*Exercise objective:* Print exactly the first lines of the records. Stop after the line containing "model = None", and leave every picture out.

*Provided information:*
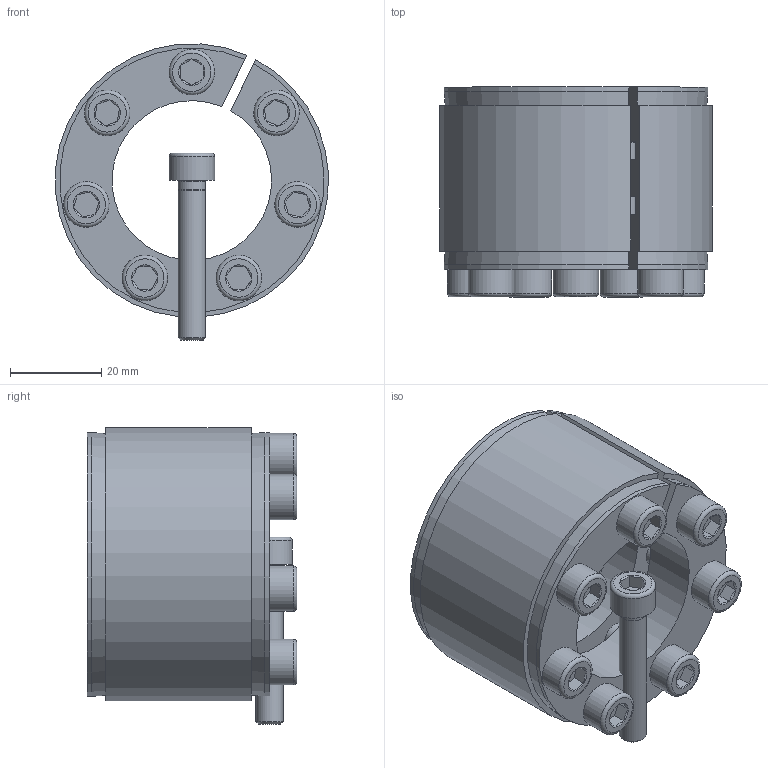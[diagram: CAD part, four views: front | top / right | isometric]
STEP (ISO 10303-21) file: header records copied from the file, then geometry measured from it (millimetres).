
FILE_DESCRIPTION( ( 'Unknown' ), '1' );
FILE_NAME( 'C:/Dokumente und Einstellungen/Sven/Desktop/homepage/cad - homepage/KBS11/KBS 11 - 35 x 60.stp', 'Unknown', ( 'Unknown' ), ( 'Unknown' ), 'XStep 1.0', 'Unknown', ' ' );
FILE_SCHEMA( ( 'automotive_design' ) );
Length unit declared in the file: millimetre
Products named in the file (3): Assem1; KBS 11 - 35 x 60; ISO EN DIN 4762 M6x35
Bounding box: 59.85 x 46 x 64.93 mm (x, y, z)
Volume: 118872.7 mm3; surface area: 59857.8 mm2
Topology: 10 solids, 10 shells, 282 faces, 606 edges, 376 vertices
Faces by surface type: plane 116, cylinder 86, cone 64, torus 16
Full cylindrical faces by diameter (mm): 5 x8, 6 x58, 10 x8
Entity records: 2214 total; most frequent: CARTESIAN_POINT 377, DIRECTION 344, ORIENTED_EDGE 262, AXIS2_PLACEMENT_3D 152, EDGE_LOOP 140, EDGE_CURVE 131, VERTEX_POINT 101, FACE_OUTER_BOUND 93
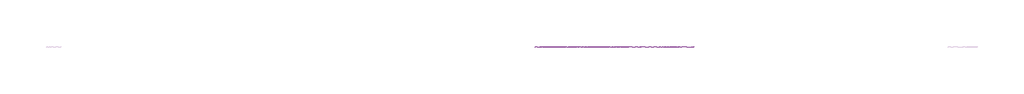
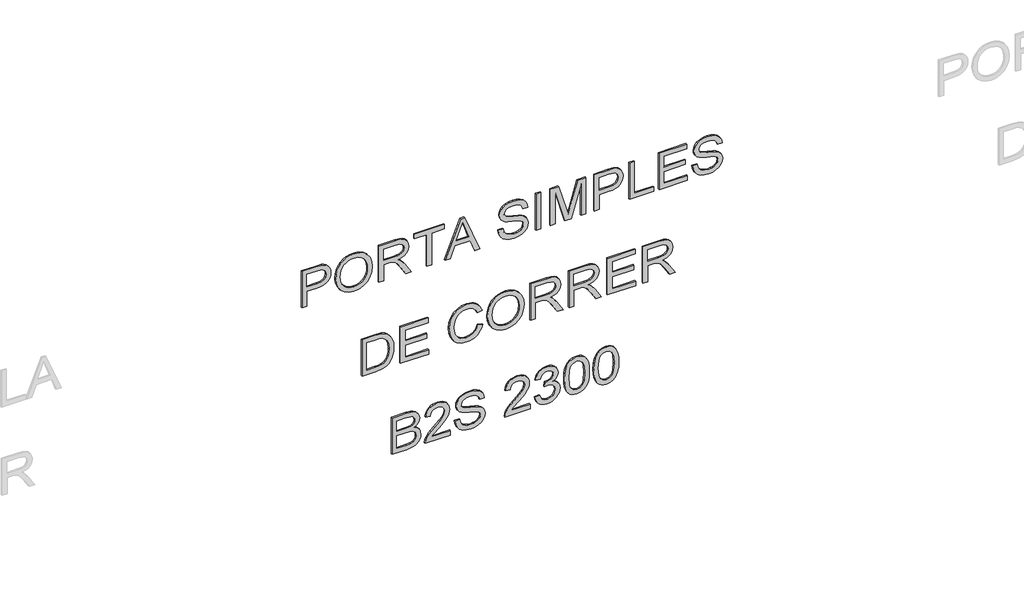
# One storey, part 11 of 13: 1 proxy.
"""IFC4 building model written with IfcOpenShell, lengths in millimetres."""

import ifcopenshell
import ifcopenshell.guid

model = None  # the IFC model being written
_history = None  # IfcOwnerHistory: only IFC2X3 demands one
_inside = {}  # id of a spatial element -> (the spatial element, [elements in it])
_under = {}  # id of a project, library or spatial element -> (it, [spatial elements below it])
_declared = {}  # id of a project -> (the project, [libraries it declares])
_typed = {}  # id of a type object -> (the type object, [elements of that type])
_made_of = {}  # id of a material, layer set ... -> (it, [elements and type objects made of it])


def new_model(schema):
    """Start an empty IFC model of exactly this schema.

    Asked for "IFC4X3", IfcOpenShell would pick the latest addendum, in which some entities
    have other attributes; the version numbers below select the first issue.
    IFC2X3 requires an IfcOwnerHistory on every rooted entity: one is made here for all.
    """
    global model, _history
    if schema == "IFC4X3":
        model = ifcopenshell.file(schema_version=(4, 3, 0, 0))
    else:
        model = ifcopenshell.file(schema=schema)
    _inside.clear()
    _under.clear()
    _declared.clear()
    _typed.clear()
    _made_of.clear()
    _history = None
    if model.schema == "IFC2X3":
        org = make("IfcOrganization", Name="unknown")
        user = make(
            "IfcPersonAndOrganization",
            ThePerson=make("IfcPerson", FamilyName="unknown"),
            TheOrganization=org,
        )
        app = make(
            "IfcApplication",
            ApplicationDeveloper=org,
            Version="unknown",
            ApplicationFullName="unknown",
            ApplicationIdentifier="unknown",
        )
        _history = make(
            "IfcOwnerHistory",
            OwningUser=user,
            OwningApplication=app,
            ChangeAction="ADDED",
            CreationDate=0,
        )
    return model


def make(cls, **values):
    """One entity of the class cls with the attributes given. An attribute that is None is left unset."""
    return model.create_entity(
        cls, **{name: value for name, value in values.items() if value is not None}
    )


def rooted(cls, **values):
    """An entity with a GlobalId (a new one), such as an element, a storey or a relation."""
    return make(cls, GlobalId=ifcopenshell.guid.new(), OwnerHistory=_history, **values)


def si_unit(unit_type, name, prefix=None):
    """IfcSIUnit, for example si_unit("LENGTHUNIT", "METRE", prefix="MILLI")."""
    return make("IfcSIUnit", UnitType=unit_type, Prefix=prefix, Name=name)


def assignment(units):
    """IfcUnitAssignment: the units of a project."""
    return None if units is None else make("IfcUnitAssignment", Units=units)


def point(xyz):
    """IfcCartesianPoint."""
    return None if xyz is None else make("IfcCartesianPoint", Coordinates=xyz)


def direction(xyz):
    """IfcDirection."""
    return None if xyz is None else make("IfcDirection", DirectionRatios=xyz)


def frame(location, z_axis=None, x_axis=None):
    """IfcAxis2Placement3D, a coordinate frame: its origin and axes. An axis left out is left unset."""
    return make(
        "IfcAxis2Placement3D",
        Location=point(location),
        Axis=direction(z_axis),
        RefDirection=direction(x_axis),
    )


def origin():
    """The frame at (0, 0, 0) with its axes left unset."""
    return frame((0.0, 0.0, 0.0))


def place(relative_to, where):
    """IfcLocalPlacement: puts the frame where relative to a parent placement (None: the world)."""
    return make(
        "IfcLocalPlacement", PlacementRelTo=relative_to, RelativePlacement=where
    )


def context(
    kind, dimensions, precision=None, world=None, true_north=None, identifier=None
):
    """IfcGeometricRepresentationContext, for example the 3D "Model" context."""
    return make(
        "IfcGeometricRepresentationContext",
        ContextIdentifier=identifier,
        ContextType=kind,
        CoordinateSpaceDimension=dimensions,
        Precision=precision,
        WorldCoordinateSystem=world,
        TrueNorth=true_north,
    )


def project(units=None, contexts=None):
    """IfcProject with its units and contexts."""
    return rooted(
        "IfcProject",
        Name="project",
        RepresentationContexts=contexts,
        UnitsInContext=assignment(units),
    )


def spatial(cls, under=None, at=None, **own):
    """A site, building, storey or space (cls), placed at a placement, below another one or the project."""
    s = rooted(cls, ObjectPlacement=at, **own)
    if under is not None:
        _under.setdefault(under.id(), (under, []))[1].append(s)
    return s


def polyline(points):
    """IfcPolyline through the points."""
    return make("IfcPolyline", Points=[point(p) for p in points])


def outline(outer, holes=None, kind="AREA"):
    """IfcArbitraryClosedProfileDef: a profile drawn as a closed curve; with holes, ...WithVoids."""
    if holes is None:
        return make("IfcArbitraryClosedProfileDef", ProfileType=kind, OuterCurve=outer)
    return make(
        "IfcArbitraryProfileDefWithVoids",
        ProfileType=kind,
        OuterCurve=outer,
        InnerCurves=holes,
    )


def extrude(swept, where, along, depth):
    """IfcExtrudedAreaSolid: the profile swept, set in the frame where, extruded along a direction by depth."""
    return make(
        "IfcExtrudedAreaSolid",
        SweptArea=swept,
        Position=where,
        ExtrudedDirection=direction(along),
        Depth=depth,
    )


def shape(context_of_items, identifier, shape_type, items):
    """IfcShapeRepresentation: the items that make up one representation, for example the "Body"."""
    return make(
        "IfcShapeRepresentation",
        ContextOfItems=context_of_items,
        RepresentationIdentifier=identifier,
        RepresentationType=shape_type,
        Items=items,
    )


def made_of(thing, what):
    """Note that an element or type object is made of a material, layer set ...; save() writes the relation."""
    if what is not None:
        _made_of.setdefault(what.id(), (what, []))[1].append(thing)
    return thing


def element(
    cls,
    number,
    at=None,
    inside=None,
    cuts=None,
    type_object=None,
    material=None,
    context=None,
    identifier="Body",
    shape_type=None,
    held_by="IfcProductDefinitionShape",
    body=None,
    shapes=None,
    **own,
):
    """One element of the class cls, such as IfcWall. Its Tag is "e" and its number.

    at: its placement. inside: the storey or other place that contains it. cuts: it is an
    opening in that element (IfcRelVoidsElement). A single representation is given by context,
    identifier, shape_type and body (its items); several are given by shapes. held_by: the class
    of the entity that holds the representations. save() writes the other relations.
    """
    e = rooted(cls, Tag="e%d" % number, ObjectPlacement=at, **own)
    if body is not None:
        shapes = [shape(context, identifier, shape_type, body)]
    if shapes is not None:
        e.Representation = make(held_by, Representations=shapes)
    if inside is not None:
        _inside.setdefault(inside.id(), (inside, []))[1].append(e)
    if cuts is not None:
        rooted(
            "IfcRelVoidsElement", RelatingBuildingElement=cuts, RelatedOpeningElement=e
        )
    if type_object is not None:
        _typed.setdefault(type_object.id(), (type_object, []))[1].append(e)
    return made_of(e, material)


def aggregate(whole, parts):
    """IfcRelAggregates: a whole, such as a stair, and the parts it consists of."""
    return rooted("IfcRelAggregates", RelatingObject=whole, RelatedObjects=parts)


def save(model, path):
    """Write the relations noted so far, then the file.

    IfcRelAggregates (storeys below a building ...), IfcRelContainedInSpatialStructure (elements
    in a storey), IfcRelDefinesByType, IfcRelAssociatesMaterial and IfcRelDeclares: one each for
    every whole, place, type object, material and project.
    """
    for whole, parts in _under.values():
        aggregate(whole, parts)
    for where, things in _inside.values():
        rooted(
            "IfcRelContainedInSpatialStructure",
            RelatedElements=things,
            RelatingStructure=where,
        )
    for kind, things in _typed.values():
        rooted("IfcRelDefinesByType", RelatedObjects=things, RelatingType=kind)
    for what, things in _made_of.values():
        rooted("IfcRelAssociatesMaterial", RelatedObjects=things, RelatingMaterial=what)
    for by, libraries in _declared.values():
        rooted("IfcRelDeclares", RelatingContext=by, RelatedDefinitions=libraries)
    model.write(path)


model = new_model("IFC4")

# Units and contexts
model_context = context("Model", 3, world=origin())
ifc_project = project(units=[si_unit("LENGTHUNIT", "METRE", prefix="MILLI")], contexts=[model_context])

# Site, building, storey
site = spatial("IfcSite", under=ifc_project)
building = spatial("IfcBuilding", under=site)
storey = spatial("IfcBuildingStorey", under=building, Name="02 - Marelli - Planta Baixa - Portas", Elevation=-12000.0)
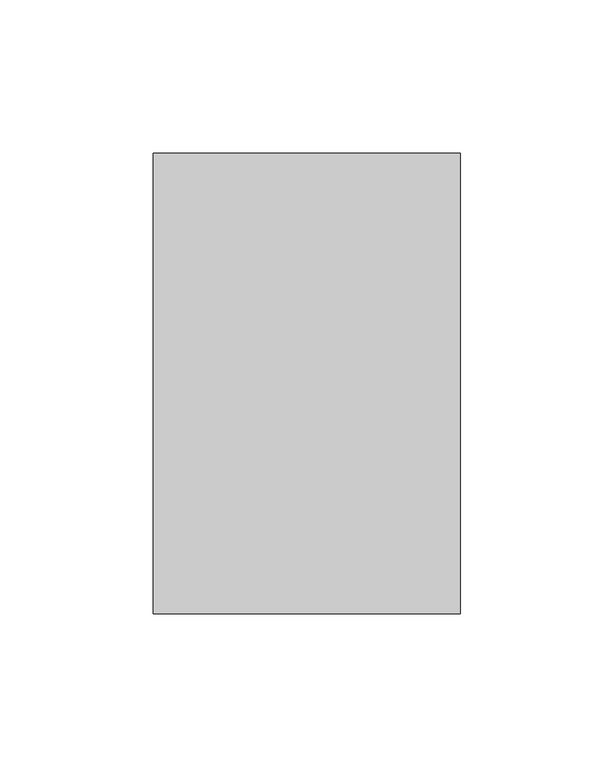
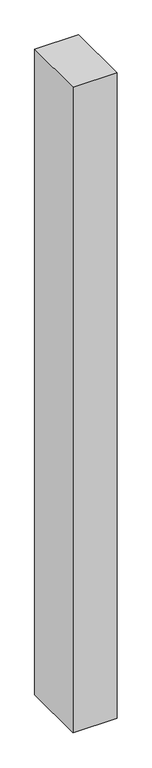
"""IFC4 building model written with IfcOpenShell, lengths in millimetres: member geometry, 矩形竖梃 : 教学楼 – 矩形竖梃 – 100x150mm."""

from ifc_helpers import new_model, si_unit, frame, origin, place, context, project, spatial, polyline, outline, extrude, source, transform, mapped, element, save


def member_21953a3b(model_context):
    return source(origin(), model_context, "Body", "SweptSolid", [
        extrude(outline(polyline([(0.0, 75.0), (0.0, -75.0), (-100.0, -75.0), (-100.0, 75.0), (0.0, 75.0)])), frame((0.0, 0.0, -1550.0), z_axis=(0.0, 0.0, 1.0), x_axis=(1.0, 0.0, 0.0)), (0.0, 0.0, 1.0), 1550.0),
    ])


if __name__ == "__main__":
    model = new_model("IFC4")
    model_context = context("Model", 3, world=origin())
    ifc_project = project(units=[si_unit("LENGTHUNIT", "METRE", prefix="MILLI")], contexts=[model_context])
    site = spatial("IfcSite", under=ifc_project)
    building = spatial("IfcBuilding", under=site)
    placement = place(None, origin())
    member_shape = member_21953a3b(model_context)
    element("IfcMember", 1, ObjectType="矩形竖梃 : 教学楼 – 矩形竖梃 – 100x150mm", at=placement, inside=building, context=model_context, shape_type="MappedRepresentation", body=[
        mapped(member_shape, transform((0.0, 0.0, 0.0), x_axis=(1.0, 0.0, 0.0), y_axis=(0.0, 1.0, 0.0), z_axis=(0.0, 0.0, 1.0))),
    ])
    save(model, "model.ifc")
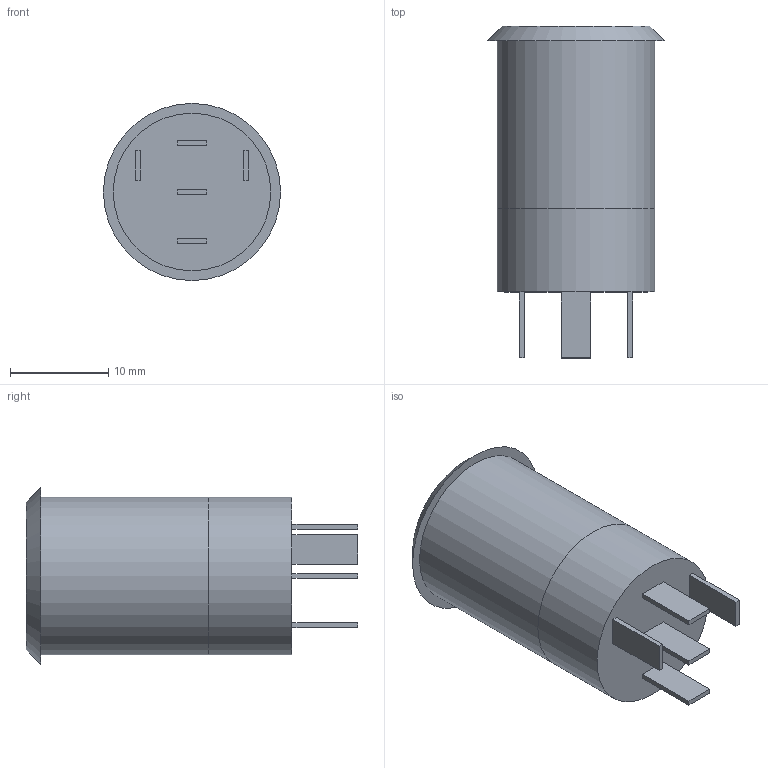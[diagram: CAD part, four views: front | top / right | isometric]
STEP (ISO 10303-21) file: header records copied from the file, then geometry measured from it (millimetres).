
FILE_DESCRIPTION(('FreeCAD Model'),'2;1');
FILE_NAME('Open CASCADE Shape Model','2023-05-06T18:44:57',('Author'),( ''),'Open CASCADE STEP processor 7.5','FreeCAD','Unknown');
FILE_SCHEMA(('AUTOMOTIVE_DESIGN { 1 0 10303 214 1 1 1 1 }'));
Length unit declared in the file: millimetre
Products named in the file (1): button on_off 3-6V_GLED
Bounding box: 18 x 33.7 x 18 mm (x, y, z)
Volume: 5475.1 mm3; surface area: 2744.7 mm2
Topology: 8 solids, 8 shells, 63 faces, 129 edges, 86 vertices
Faces by surface type: plane 46, cylinder 16, cone 1
Full cylindrical faces by diameter (mm): 13 x1, 13.3 x1, 14.7 x1, 15 x1, 16 x2
Entity records: 1779 total; most frequent: DIRECTION 282, CARTESIAN_POINT 270, ORIENTED_EDGE 242, EDGE_CURVE 121, AXIS2_PLACEMENT_3D 97, VECTOR 88, LINE 88, VERTEX_POINT 85
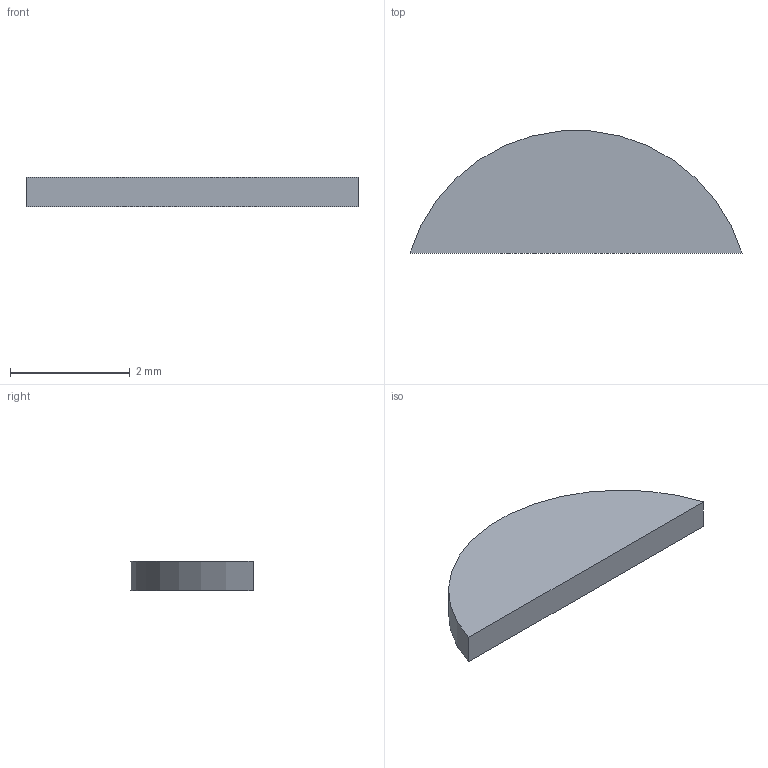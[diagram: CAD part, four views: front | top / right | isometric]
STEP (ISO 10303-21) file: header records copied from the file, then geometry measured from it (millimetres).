
FILE_DESCRIPTION(('Open CASCADE Model'),'2;1');
FILE_NAME('LED_soft_pad_reference','2026-09-21T22:33:40',('Author'),( 'Open CASCADE'),'Open CASCADE STEP processor 7.9','build123d', 'Unknown');
FILE_SCHEMA(('AUTOMOTIVE_DESIGN { 1 0 10303 214 1 1 1 1 }'));
Length unit declared in the file: millimetre
Products named in the file (2): LED_soft_pad_reference
Assembly tree (1 placements, depth 2):
  LED_soft_pad_reference
    LED_soft_pad_reference
Bounding box: 5.55 x 2.04 x 0.5 mm (x, y, z)
Volume: 4.2 mm3; surface area: 23.2 mm2
Topology: 1 solids, 1 shells, 4 faces, 6 edges, 4 vertices
Faces by surface type: plane 3, cylinder 1
Entity records: 144 total; most frequent: DIRECTION 20, CARTESIAN_POINT 16, ORIENTED_EDGE 12, AXIS2_PLACEMENT_3D 8, EDGE_CURVE 6, SHAPE_DEFINITION_REPRESENTATION 4, ADVANCED_FACE 4, FACE_BOUND 4
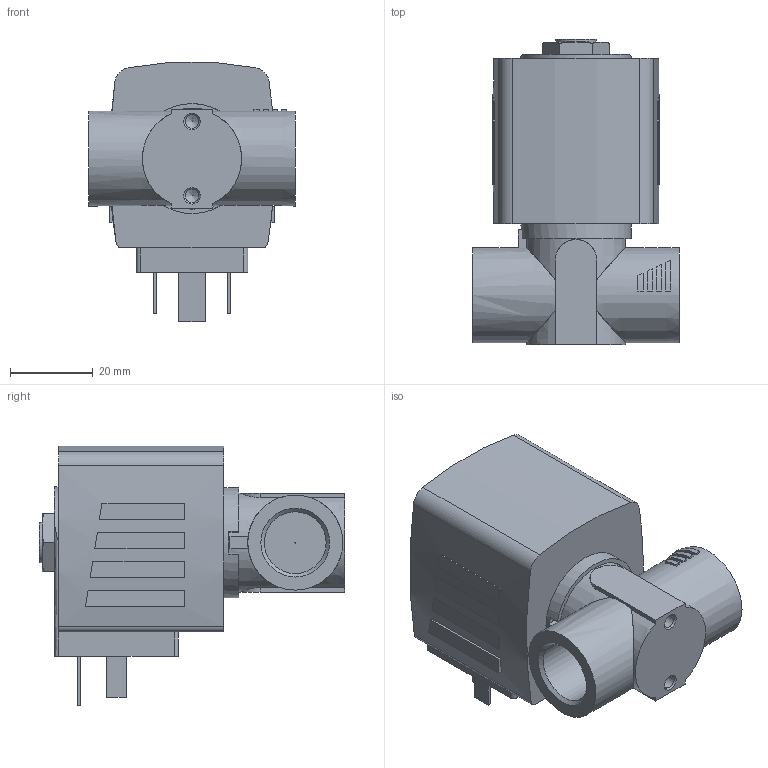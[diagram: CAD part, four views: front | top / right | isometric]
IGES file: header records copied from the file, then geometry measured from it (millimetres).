
Start section: Data from Parasolid IGES Translator 26.0.171, Copyright(c) 2006 Siemens PLM Software. All Rights Reserved.
Global section: file name: 6240-373487-2_2-way_solenoid_valve__pilot-controlled.igs; native system: By Siemens PLM Incorporated; preprocessor: XPlus GENERIC/IGES 26.0.171; author: Noname; organization: Noname; date: 20240507.175514; units: millimetre
Bounding box: 50 x 74 x 62.83 mm (x, y, z)
Surface area: 18645.7 mm2 (no closed solid volume)
Topology: 0 solids, 0 shells, 158 faces, 792 edges, 785 vertices
Faces by surface type: extrusion 109, revolution 49
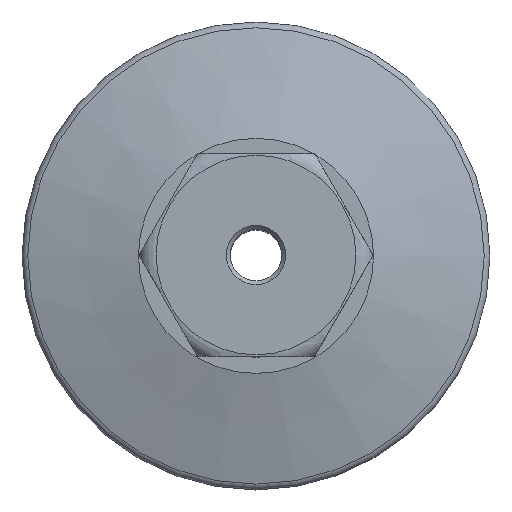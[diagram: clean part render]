
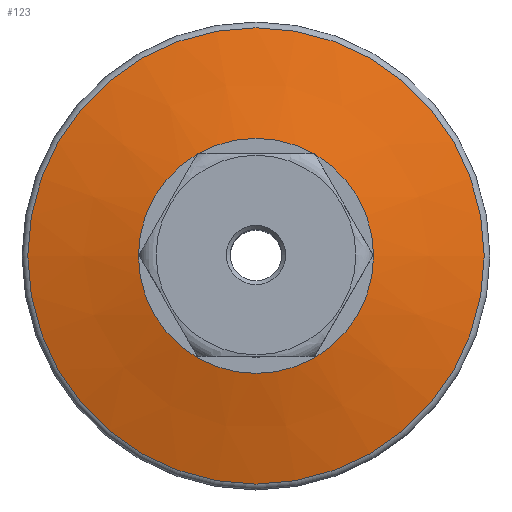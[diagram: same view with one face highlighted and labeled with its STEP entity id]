
A CAD part, top view. The second image highlights one B-rep face of the part: STEP entity #123.
In plain terms, the highlighted conical face has half-angle 75 degrees and reference radius 7.536 mm.
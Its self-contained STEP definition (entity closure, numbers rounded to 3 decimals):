
#123 = ADVANCED_FACE( '', ( #253, #254 ), #255, .T. );
#253 = FACE_OUTER_BOUND( '', #403, .T. );
#254 = FACE_BOUND( '', #404, .T. );
#255 = CONICAL_SURFACE( '', #405, 7.536, 1.309 );
#403 = EDGE_LOOP( '', ( #561 ) );
#404 = EDGE_LOOP( '', ( #562 ) );
#405 = AXIS2_PLACEMENT_3D( '', #563, #564, #565 );
#561 = ORIENTED_EDGE( '', *, *, #795, .T. );
#562 = ORIENTED_EDGE( '', *, *, #788, .F. );
#563 = CARTESIAN_POINT( '', ( 0., 0., 5. ) );
#564 = DIRECTION( '', ( 0., 0., -1. ) );
#565 = DIRECTION( '', ( -1., 0., 0. ) );
#788 = EDGE_CURVE( '', #896, #896, #897, .T. );
#795 = EDGE_CURVE( '', #907, #907, #908, .T. );
#896 = VERTEX_POINT( '', #1041 );
#897 = CIRCLE( '', #1042, 7.536 );
#907 = VERTEX_POINT( '', #1052 );
#908 = CIRCLE( '', #1053, 14.629 );
#1041 = CARTESIAN_POINT( '', ( 7.536, 0., 5. ) );
#1042 = AXIS2_PLACEMENT_3D( '', #1573, #1574, #1575 );
#1052 = CARTESIAN_POINT( '', ( 14.629, 0., 3.099 ) );
#1053 = AXIS2_PLACEMENT_3D( '', #1585, #1586, #1587 );
#1573 = CARTESIAN_POINT( '', ( 0., 0., 5. ) );
#1574 = DIRECTION( '', ( 0., 0., 1. ) );
#1575 = DIRECTION( '', ( 1., 0., 0. ) );
#1585 = CARTESIAN_POINT( '', ( 0., 0., 3.099 ) );
#1586 = DIRECTION( '', ( 0., 0., 1. ) );
#1587 = DIRECTION( '', ( 1., 0., 0. ) );

*Exercise output:*
[diagram: CAD part, four views: front | top / right | isometric]
STEP (ISO 10303-21) file: header records copied from the file, then geometry measured from it (millimetres).
FILE_DESCRIPTION( ( 'Unknown' ), '1' );
FILE_NAME( 'C:/Dokumente und Einstellungen/Sven/Desktop/homepage/cad - homepage/KBS11/KBS 11 - 35 x 60.stp', 'Unknown', ( 'Unknown' ), ( 'Unknown' ), 'XStep 1.0', 'Unknown', ' ' );
FILE_SCHEMA( ( 'automotive_design' ) );
Length unit declared in the file: millimetre
Products named in the file (3): Assem1; KBS 11 - 35 x 60; ISO EN DIN 4762 M6x35
Bounding box: 59.85 x 46 x 64.93 mm (x, y, z)
Volume: 118872.7 mm3; surface area: 59857.8 mm2
Topology: 10 solids, 10 shells, 282 faces, 606 edges, 376 vertices
Faces by surface type: plane 116, cylinder 86, cone 64, torus 16
Full cylindrical faces by diameter (mm): 5 x8, 6 x58, 10 x8
Entity records: 2214 total; most frequent: CARTESIAN_POINT 377, DIRECTION 344, ORIENTED_EDGE 262, AXIS2_PLACEMENT_3D 152, EDGE_LOOP 140, EDGE_CURVE 131, VERTEX_POINT 101, FACE_OUTER_BOUND 93
# One storey, part 11 of 13: 1 proxy.
"""IFC4 building model written with IfcOpenShell, lengths in millimetres."""

import ifcopenshell
import ifcopenshell.guid

model = None  # the IFC model being written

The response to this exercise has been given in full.